**Task to carry out**
Set down exactly the lines below between the line holding "Bounding box: 125 x 37 x 156.5 mm (x, y, z)" and the line holding "Full cylindrical faces", inclusive; no other line belongs in the answer.

---*---

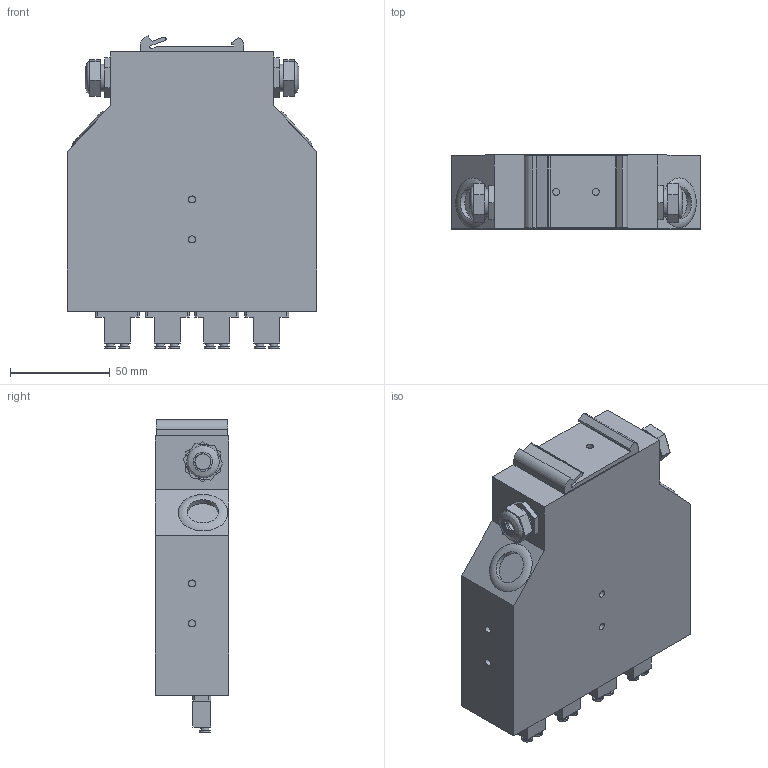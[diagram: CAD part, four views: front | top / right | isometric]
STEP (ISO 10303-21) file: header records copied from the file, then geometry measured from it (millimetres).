
FILE_DESCRIPTION(('TFLEX Exchange Step'),'2;1');
FILE_NAME('STK-OK-01-4LCD.stp', '2025-02-06T14:33:52+03:00',('Yuriy Romanov'),('Unknown organisation'),'TFLEX Exchange 2023.2','T-FLEX CAD','Unknown authorisation');
FILE_SCHEMA( ('AUTOMOTIVE_DESIGN { 1 0 10303 214 1 1 1 1 }') );
Length unit declared in the file: millimetre
Products named in the file (1): STK-OK-01-4LCD
Bounding box: 125 x 37 x 156.5 mm (x, y, z)
Volume: 556852.3 mm3; surface area: 69933.8 mm2
Topology: 14 solids, 14 shells, 873 faces, 2340 edges, 1552 vertices
Faces by surface type: plane 397, cylinder 236, cone 125, bspline 113, torus 2
Full cylindrical faces by diameter (mm): 3 x8, 3.5 x8, 4 x8, 5.5 x8, 8.05 x2, 8.823 x2, 9.2 x2, 11.932 x2, 12.555 x2, 13.8 x4, 16 x2, 20 x4
Entity records: 34807 total; most frequent: CARTESIAN_POINT 13523, ORIENTED_EDGE 4680, DIRECTION 4132, EDGE_CURVE 2340, AXIS2_PLACEMENT_3D 1617, VERTEX_POINT 1552, EDGE_LOOP 946, FACE_BOUND 946

---*---

**Response**
Bounding box: 125 x 37 x 156.5 mm (x, y, z)
Volume: 556852.3 mm3; surface area: 69933.8 mm2
Topology: 14 solids, 14 shells, 873 faces, 2340 edges, 1552 vertices
Faces by surface type: plane 397, cylinder 236, cone 125, bspline 113, torus 2
Full cylindrical faces by diameter (mm): 3 x8, 3.5 x8, 4 x8, 5.5 x8, 8.05 x2, 8.823 x2, 9.2 x2, 11.932 x2, 12.555 x2, 13.8 x4, 16 x2, 20 x4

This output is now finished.